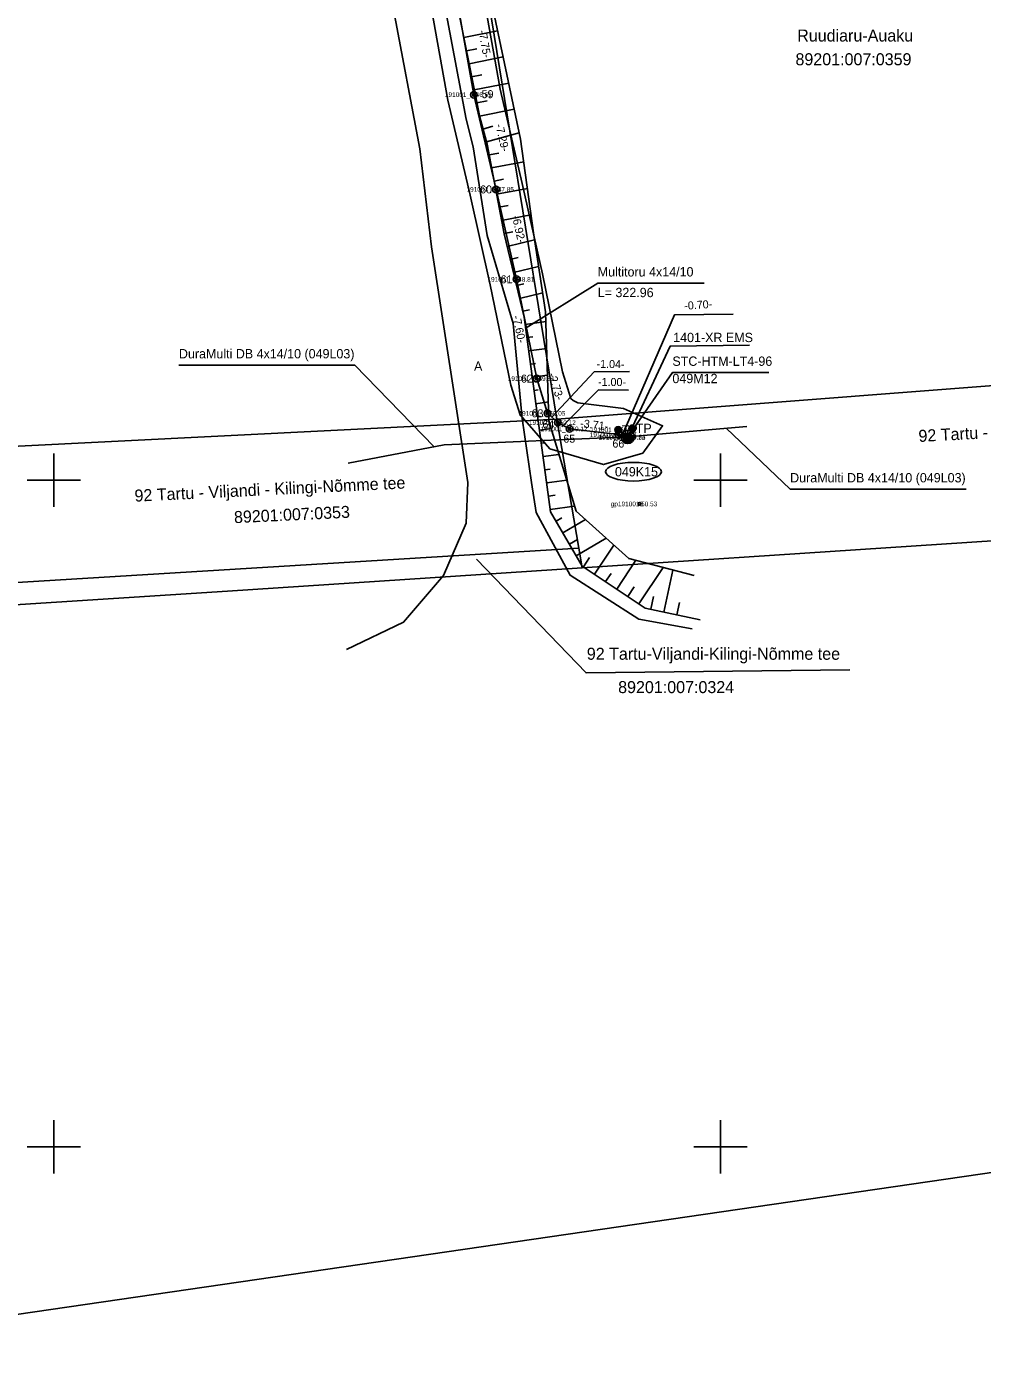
# Model space of a CAD drawing. Extents: x 604066 to 604956, y 6473634 to 6474346.
# Drawn here: x 604648 to 604719.6, y 6473633.8 to 6473734 of the extents above; entities that cross this region are included whole.
import ezdxf

# ---------------------------------------------------------------- set-up
doc = ezdxf.new("R2010")
doc.units = 0
for name, color, linetype in [('ABIJOONIS', 7, 'Continuous'), ('JOONSIDE', 7, 'Continuous'), ('KAEVUNR', 7, 'Continuous'), ('KOORDPUNKT', 7, 'Continuous'), ('MOOTKORG', 7, 'Continuous'), ('MOOTMPUNKT', 7, 'Continuous'), ('MOOTNR', 7, 'Continuous'), ('MOOTPIIR', 7, 'Continuous'), ('PIIR', 7, 'Continuous'), ('POST', 7, 'Continuous'), ('RELJEEF', 7, 'Continuous'), ('SIKAEV', 7, 'Continuous'), ('SITRASS', 7, 'Continuous'), ('TEE', 7, 'Continuous'), ('VORK', 7, 'Continuous'), ('VORMISTUS', 7, 'Continuous')]:
    doc.layers.add(name, color=color, linetype=linetype)

msp = doc.modelspace()

# ---------------------------------------------------------------- linework, layer by layer
at = {"layer": 'ABIJOONIS'}
msp.add_ellipse((604693.47, 6473700.63), major_axis=(2.1, 0), ratio=0.333333, dxfattribs=at)
at = {"layer": 'JOONSIDE'}
for points in [[(604692.63, 6473703.34), (604696.55, 6473712.4), (604700.95, 6473712.45)], [(604687.31, 6473704.69), (604690.51, 6473708.12), (604693.17, 6473708.14)], [(604688.09, 6473703.99), (604690.85, 6473706.78), (604693.09, 6473706.75)]]:
    msp.add_lwpolyline(points, dxfattribs=at)
at = {"layer": 'KOORDPUNKT'}
for centre, radius in [((604681.5, 6473728.9), 0.25), ((604681.5, 6473728.9), 0.025), ((604681.5, 6473728.9), 0.0221), ((604681.5, 6473728.9), 0.0161), ((604681.5, 6473728.9), 0.0191), ((604681.5, 6473728.9), 0.0132), ((604681.5, 6473728.9), 0.00726), ((604681.5, 6473728.9), 0.0102), ((604681.5, 6473728.9), 0.0043), ((604683.16, 6473721.8), 0.25), ((604683.16, 6473721.8), 0.025), ((604683.16, 6473721.8), 0.0221), ((604683.16, 6473721.8), 0.0161), ((604683.16, 6473721.8), 0.0191), ((604683.16, 6473721.8), 0.0132), ((604683.16, 6473721.8), 0.0043), ((604683.16, 6473721.8), 0.00726), ((604683.16, 6473721.8), 0.0102), ((604684.69, 6473715.06), 0.25), ((604684.69, 6473715.06), 0.025), ((604684.69, 6473715.06), 0.0191), ((604684.69, 6473715.06), 0.0221), ((604684.69, 6473715.06), 0.0161), ((604684.69, 6473715.06), 0.00726), ((604684.69, 6473715.06), 0.0102), ((604684.69, 6473715.06), 0.0132), ((604684.69, 6473715.06), 0.0043), ((604686.21, 6473707.61), 0.25), ((604686.21, 6473707.61), 0.025), ((604686.21, 6473707.61), 0.0161), ((604686.21, 6473707.61), 0.0191), ((604686.21, 6473707.61), 0.0221), ((604686.21, 6473707.61), 0.0132), ((604686.21, 6473707.61), 0.0043), ((604686.21, 6473707.61), 0.00726), ((604686.21, 6473707.61), 0.0102), ((604687.02, 6473705.01), 0.25), ((604687.02, 6473705.01), 0.025), ((604687.02, 6473705.01), 0.0161), ((604687.02, 6473705.01), 0.0191), ((604687.02, 6473705.01), 0.0221), ((604687.02, 6473705.01), 0.00726), ((604687.02, 6473705.01), 0.0102), ((604687.02, 6473705.01), 0.0132), ((604687.02, 6473705.01), 0.0043), ((604687.8, 6473704.32), 0.25), ((604687.8, 6473704.32), 0.0221), ((604687.8, 6473704.32), 0.025), ((604687.8, 6473704.32), 0.0191), ((604687.8, 6473704.32), 0.0132), ((604687.8, 6473704.32), 0.0161), ((604687.8, 6473704.32), 0.0102), ((604687.8, 6473704.32), 0.0043), ((604687.8, 6473704.32), 0.00726), ((604688.68, 6473703.84), 0.25), ((604688.68, 6473703.84), 0.0221), ((604688.68, 6473703.84), 0.025), ((604688.68, 6473703.84), 0.0132), ((604688.68, 6473703.84), 0.0161), ((604688.68, 6473703.84), 0.0191), ((604688.68, 6473703.84), 0.0102), ((604688.68, 6473703.84), 0.0043), ((604688.68, 6473703.84), 0.00726), ((604692.36, 6473703.41), 0.25), ((604692.36, 6473703.41), 0.0191), ((604692.36, 6473703.41), 0.0221), ((604692.36, 6473703.41), 0.025), ((604692.36, 6473703.41), 0.0102), ((604692.36, 6473703.41), 0.0132), ((604692.36, 6473703.41), 0.0161), ((604692.36, 6473703.41), 0.0043), ((604692.36, 6473703.41), 0.00726), ((604693.04, 6473703.24), 0.25), ((604693.04, 6473703.24), 0.025), ((604693.04, 6473703.24), 0.0191), ((604693.04, 6473703.24), 0.0221), ((604693.04, 6473703.24), 0.0161), ((604693.04, 6473703.24), 0.00726), ((604693.04, 6473703.24), 0.0102), ((604693.04, 6473703.24), 0.0132), ((604693.04, 6473703.24), 0.0043)]:
    msp.add_circle(centre, radius, dxfattribs=at)
at = {"layer": 'MOOTMPUNKT'}
for centre in [(604681.5, 6473728.9), (604683.16, 6473721.8), (604684.69, 6473715.06), (604686.21, 6473707.61), (604687.02, 6473705.01), (604687.8, 6473704.32), (604688.68, 6473703.84), (604692.33, 6473703.77), (604692.36, 6473703.41), (604693.04, 6473703.24), (604693.91, 6473698.22)]:
    msp.add_circle(centre, 0.1, dxfattribs=at)
at = {"layer": 'MOOTPIIR'}
msp.add_lwpolyline([(604678.17, 6473736.19), (604679.54, 6473728.5), (604681.21, 6473721.36), (604682.73, 6473714.64), (604684.27, 6473707.11), (604684.96, 6473704.89), (604687.2, 6473702.34), (604691.21, 6473701.16), (604694.16, 6473702.01), (604695.65, 6473704.08), (604692.72, 6473705.38), (604689.29, 6473705.79), (604688.95, 6473705.97), (604688.76, 6473706.13), (604688.15, 6473708.11), (604686.64, 6473715.48), (604685.11, 6473722.25), (604683.46, 6473729.31), (604682.11, 6473736.88)], dxfattribs=at)
at = {"layer": 'PIIR'}
for points in [[(604833.54, 6473909.5), (604897.39, 6473936.49), (604953.49, 6473960.24), (604956.07, 6473961.29), (604940.8, 6473724.06), (604687.73, 6473704.56), (604680.66, 6473747.8), (604821.94, 6473844.68)], [(604687.73, 6473704.56), (604940.8, 6473724.06), (604940.18, 6473714.53), (604940.07, 6473712.83), (604892.72, 6473708.69), (604839.74, 6473704.2), (604787.09, 6473700.12), (604735.18, 6473696.42), (604689.63, 6473693.43), (604689.38, 6473694.91)], [(604429.15, 6473679), (604428.82, 6473685.17), (604422.99, 6473691.29), (604687.73, 6473704.56), (604689.38, 6473694.91)], [(604429.15, 6473679), (604689.38, 6473694.91), (604689.63, 6473693.43), (604663.03, 6473691.68), (604611.7, 6473688.38), (604559, 6473685.22), (604513.61, 6473682.6), (604464, 6473679.51), (604429.23, 6473677.5)]]:
    msp.add_lwpolyline(points, close=True, dxfattribs=at)
for points in [[(604392.23, 6473874.61), (604414.7, 6473872.41), (604426.55, 6473871.03), (604444.65, 6473869.66), (604482.63, 6473866.81), (604486.98, 6473866.41), (604549.55, 6473854.82), (604575.16, 6473852.02), (604645.55, 6473867.92), (604659, 6473875.69), (604714.62, 6473889.17), (604776, 6473903.81), (604824.84, 6473905.94), (604833.54, 6473909.5), (604821.94, 6473844.68), (604680.66, 6473747.8), (604687.73, 6473704.56), (604422.99, 6473691.29), (604421.99, 6473694.09), (604395.15, 6473723.9)], [(604681.7, 6473694.08), (604689.92, 6473685.54), (604709.7, 6473685.77)]]:
    msp.add_lwpolyline(points, dxfattribs=at)
at = {"layer": 'POST'}
for centre, radius in [((604692.33, 6473703.77), 0.25), ((604692.33, 6473703.77), 0.225), ((604692.33, 6473703.77), 0.2), ((604693.38, 6473703.88), 0.25), ((604693.38, 6473703.88), 0.225), ((604693.38, 6473703.88), 0.2), ((604693.38, 6473703.88), 0.175), ((604693.38, 6473703.88), 0.15), ((604693.38, 6473703.88), 0.125), ((604693.38, 6473703.88), 0.1), ((604693.38, 6473703.88), 0.075), ((604692.33, 6473703.77), 0.175), ((604692.33, 6473703.77), 0.15), ((604692.33, 6473703.77), 0.125), ((604692.33, 6473703.77), 0.1), ((604692.33, 6473703.77), 0.075), ((604692.33, 6473703.77), 0.05), ((604692.33, 6473703.77), 0.025), ((604693.38, 6473703.88), 0.05), ((604693.38, 6473703.88), 0.025)]:
    msp.add_circle(centre, radius, dxfattribs=at)
at = {"layer": 'RELJEEF'}
for p, q in [((604680.75, 6473733.18), (604683.28, 6473733.69)), ((604680.94, 6473732.2), (604681.71, 6473732.35)), ((604681.14, 6473731.22), (604683.7, 6473731.73)), ((604681.33, 6473730.24), (604682.1, 6473730.39)), ((604681.53, 6473729.26), (604684.11, 6473729.77)), ((604681.72, 6473728.28), (604682.5, 6473728.43)), ((604681.92, 6473727.3), (604684.53, 6473727.82)), ((604682.18, 6473726.33), (604682.93, 6473726.54)), ((604682.44, 6473725.37), (604684.9, 6473726.04)), ((604682.64, 6473724.39), (604683.38, 6473724.53)), ((604682.83, 6473723.41), (604685.24, 6473723.86)), ((604683.02, 6473722.42), (604683.72, 6473722.56)), ((604683.2, 6473721.44), (604685.51, 6473721.88)), ((604683.39, 6473720.46), (604684.06, 6473720.59)), ((604683.58, 6473719.48), (604685.78, 6473719.9)), ((604683.76, 6473718.49), (604684.41, 6473718.62)), ((604684, 6473717.52), (604686.04, 6473718.01)), ((604684.23, 6473716.55), (604684.82, 6473716.69)), ((604684.46, 6473715.58), (604686.35, 6473716.03)), ((604684.7, 6473714.6), (604685.24, 6473714.73)), ((604684.93, 6473713.63), (604686.66, 6473714.05)), ((604685.16, 6473712.66), (604685.66, 6473712.78)), ((604685.34, 6473711.68), (604686.91, 6473711.89)), ((604685.48, 6473710.69), (604685.91, 6473710.75)), ((604685.61, 6473709.69), (604686.97, 6473709.88)), ((604685.75, 6473708.7), (604686.12, 6473708.75)), ((604685.88, 6473707.71), (604687.03, 6473707.87)), ((604686.01, 6473706.72), (604686.33, 6473706.76)), ((604686.15, 6473705.73), (604687.09, 6473705.86)), ((604686.28, 6473704.74), (604686.53, 6473704.77)), ((604686.42, 6473703.75), (604687.3, 6473703.87)), ((604686.55, 6473702.76), (604686.86, 6473702.8)), ((604686.69, 6473701.77), (604687.88, 6473701.93)), ((604686.82, 6473700.78), (604687.23, 6473700.83)), ((604686.96, 6473699.79), (604688.46, 6473699.99)), ((604687.09, 6473698.8), (604687.59, 6473698.86)), ((604687.23, 6473697.8), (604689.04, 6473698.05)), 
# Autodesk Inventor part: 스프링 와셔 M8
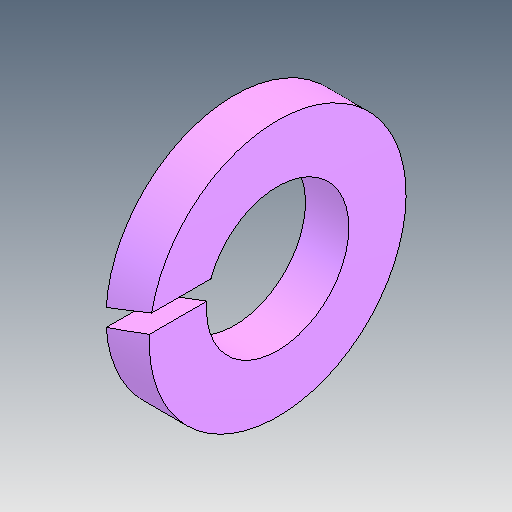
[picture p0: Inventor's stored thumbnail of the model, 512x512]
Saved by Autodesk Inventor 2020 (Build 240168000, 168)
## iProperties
Created: 2024-11
Part Number: 스프링 와셔 M8
Material: 강철, 연강
Description: 스프링 잠금 와셔
Document SubType Name: Modeling
Designer: shin
Density: 7.85 g/cm^3
Appearance: 기본값
Author: jhkim
Sending System: Autodesk Inventor 2025
Preprocessor: ST-DEVELOPER v20
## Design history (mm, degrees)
feature "Solid1"
node "솔리드1"
========
EXERCISE OBJECTIVE. All lines in the data that contain the word "POST" should be copied.

EXERCISE SOLUTION.
for name, color, linetype in [('ABIJOONIS', 7, 'Continuous'), ('JOONSIDE', 7, 'Continuous'), ('KAEVUNR', 7, 'Continuous'), ('KOORDPUNKT', 7, 'Continuous'), ('MOOTKORG', 7, 'Continuous'), ('MOOTMPUNKT', 7, 'Continuous'), ('MOOTNR', 7, 'Continuous'), ('MOOTPIIR', 7, 'Continuous'), ('PIIR', 7, 'Continuous'), ('POST', 7, 'Continuous'), ('RELJEEF', 7, 'Continuous'), ('SIKAEV', 7, 'Continuous'), ('SITRASS', 7, 'Continuous'), ('TEE', 7, 'Continuous'), ('VORK', 7, 'Continuous'), ('VORMISTUS', 7, 'Continuous')]:
at = {"layer": 'POST'}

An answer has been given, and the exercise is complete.